The North Olympic Library System is teaming up with Olympic National Park this spring to offer a second season of poetry walks. This year’s program will run through June 14, featuring poetry placed along four trails in the park.
During Poetry Walks, poems will be placed on signs along the Living Forest Trail, the Madison Creek Falls Trails, the Peabody Creek Trail and Spruce Railroad Trail.
Access to all four trails is free.
The Living Forest and Peabody Creek trails begin at Olympic National Park Visitor Center in Port Angeles, and offer 0.5-mile loops. In the spring, skunk cabbage, a native plant found along streams and other wet areas of the woods, blooms and provides vibrant color (and possibly scent) along the trails.
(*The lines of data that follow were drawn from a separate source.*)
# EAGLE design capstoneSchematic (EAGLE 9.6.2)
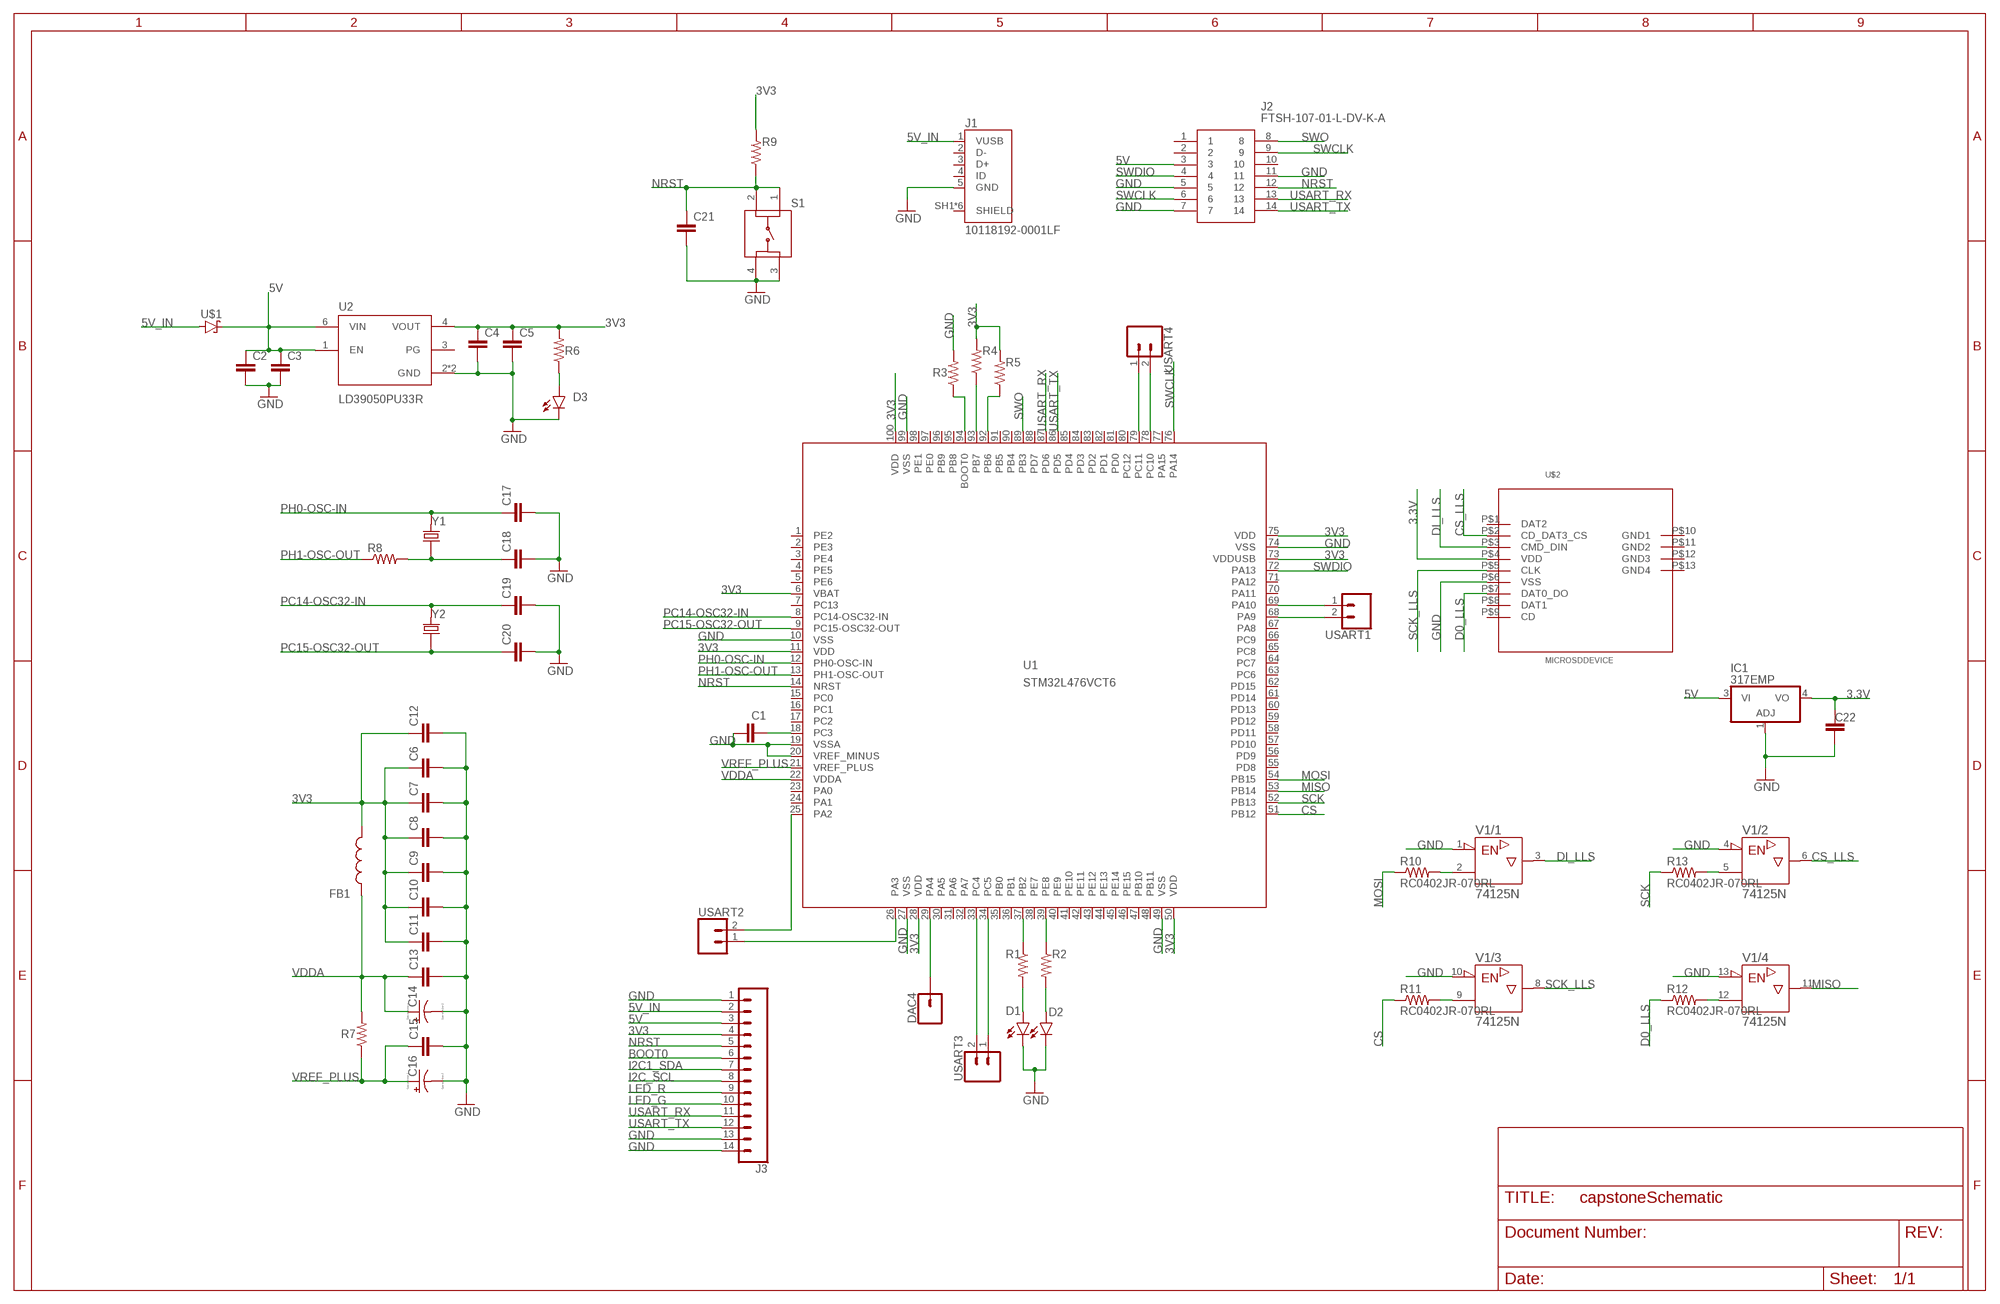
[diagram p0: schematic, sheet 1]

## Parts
C1  CC0603KRX5R7BB105  [CAPC1608X90]
C2  CC0603KRX5R7BB105  [CAPC1608X90]
C3  CC0402KRX7R7BB104  [CAPC1005X55N]
C4  CC0603KRX5R7BB105  [CAPC1608X90]
C5  CC0402KRX7R7BB104  [CAPC1005X55N]
C6  CC0402KRX7R7BB104  [CAPC1005X55N]
C7  CC0402KRX7R7BB104  [CAPC1005X55N]
C8  CC0402KRX7R7BB104  [CAPC1005X55N]
C9  CC0402KRX7R7BB104  [CAPC1005X55N]
C10  CC0402KRX7R7BB104  [CAPC1005X55N]
C11  CC0402KRX7R7BB104  [CAPC1005X55N]
C12  CC0603KRX5R7BB105  [CAPC1608X90]
C13  CC0402KRX7R7BB104  [CAPC1005X55N]
C14  TAJA105K016RNJ  [CAPPM3216X180N]
C15  CC0402KRX7R7BB104  [CAPC1005X55N]
C16  TAJA105K016RNJ  [CAPPM3216X180N]
C17  CC0402JRNPO9BN200  [CAPC1005X55N]
C18  CC0402JRNPO9BN200  [CAPC1005X55N]
C19  CC0402CRNPO9BN4R7  [CAPC1005X55N]
C20  CC0402CRNPO9BN4R7  [CAPC1005X55N]
C21  CC0402KRX7R7BB104  [CAPC1005X55N]
C22  C  (no package)
D1  SML-P12MTT86  [LED_SML-P11UTT86R]
D2  SML-P12MTT86  [LED_SML-P11UTT86R]
D3  SML-P12MTT86  [LED_SML-P11UTT86R]
DAC4  CONN_01  [1X01]
FB1  BK1608HS601-T  [BEADC1608X95N]
IC1  317EMP  [SOT223]
J1  10118192-0001LF  [AMPHENOL_10118192-0001LF]
J2  FTSH-107-01-L-DV-K-A  [FTSH10701LDVKA]
J3  CONN_14  [1X14]
R1  RC0402FR-071KL  [RESC1005X40N]
R2  RC0402FR-071KL  [RESC1005X40N]
R3  RC0402FR-071KL  [RESC1005X40N]
R4  RC0402FR-071KL  [RESC1005X40N]
R5  RC0402FR-071KL  [RESC1005X40N]
R6  RC0402FR-071KL  [RESC1005X40N]
R7  RC0402FR-071KL  [RESC1005X40N]
R8  RC0402FR-072KL  [RESC1005X40N]
R9  RC0402FR-0710KL  [RESC1005X40N]
R10  RC0402JR-070RL  [RESC1005X40]
R11  RC0402JR-070RL  [RESC1005X40]
R12  RC0402JR-070RL  [RESC1005X40]
R13  RC0402JR-070RL  [RESC1005X40]
S1  LL3301FF065QJ  [LL3301FF065QJ]
U1  STM32L476VCT6  [LQFP100_14X14]
U2  LD39050PU33R  [SON95P300X300X100-7N]
U$1  STPS1L30A  [DIOM5226X223N]
U$2  MICROSDDEVICE  [MICROSD]
USART1  CONN_02  [1X02]
USART2  CONN_02  [1X02]
USART3  CONN_02  [1X02]
USART4  CONN_02  [1X02]
V1  74125N  [DIL14]
Y1  ABLS-8.000MHZ-B2-T  [XTAL_ABLS-8.000MHZ-B2-T]
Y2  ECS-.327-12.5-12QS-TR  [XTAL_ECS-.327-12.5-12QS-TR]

The Madison Creek Falls Trail is located in the Elwha Valley and offers a paved 200-foot walk to the base of the waterfall.
The Spruce Railroad Trail, on which bicycles and pets are permitted, begins at the end of East Beach Road on the north side of Lake Crescent and follows an old railroad bed for 4 miles.
Poets featured along the trails include Emily Brontë, Carlos Castaneda, Ogden Nash, Shel Silverstein and Gary Snyder.
The Poetry Walks program is offered free to the public thanks to the support of the Port Angeles Friends of the Library. More information about the trails and areas of Olympic National Park can be found at nols.org and nps.com/olym.
FIND YOUR PARK
Staffers at Mount Rainier and Olympic national parks are encouraging everyone to find their park and share their stories online at findyourpark.com. Launched in March by the National Park Service and the National Park Foundation, Find Your Park is a public awareness and education campaign celebrating the upcoming centennial anniversary of the National Park Service in 2016 and setting the stage for its second century of service.
Find Your Park invites the public to see that a national park can be more than a place — it can be a feeling, a state of mind or a sense of American pride, according to a Park Service news release. Beyond vast landscapes, the campaign highlights historical, urban, and cultural parks, as well as the National Park Service programs that protect, preserve and share nature, culture, and history in communities nationwide.
“Find Your Park” is also the theme for this year’s National Park Week, running Saturday, April 26.
Entrance fees at all parks will be waived Saturday and April 19.
At Olympic, children and their families were invited to join in Saturday’s celebration of National Junior Ranger Day at the Olympic National Park Visitor Center in Port Angeles.
There are no special National Park Week activities planned at Mount Rainier.
RAINIER WORK PARTY
The first trail work party led by Mount Rainier National Park Associates will be on April 25. The group and volunteers will be working on the Trail of the Shadows at Longmire, building the approaches to a new boardwalk and repairing some winter flood damage.
Participants will meet in the Longmire parking lot, near the museum between 8:30-9 a.m. It will be a very short hike to the work sites.
Workers should bring a warm jacket, a full set of rain gear, work gloves, a lunch and something to drink.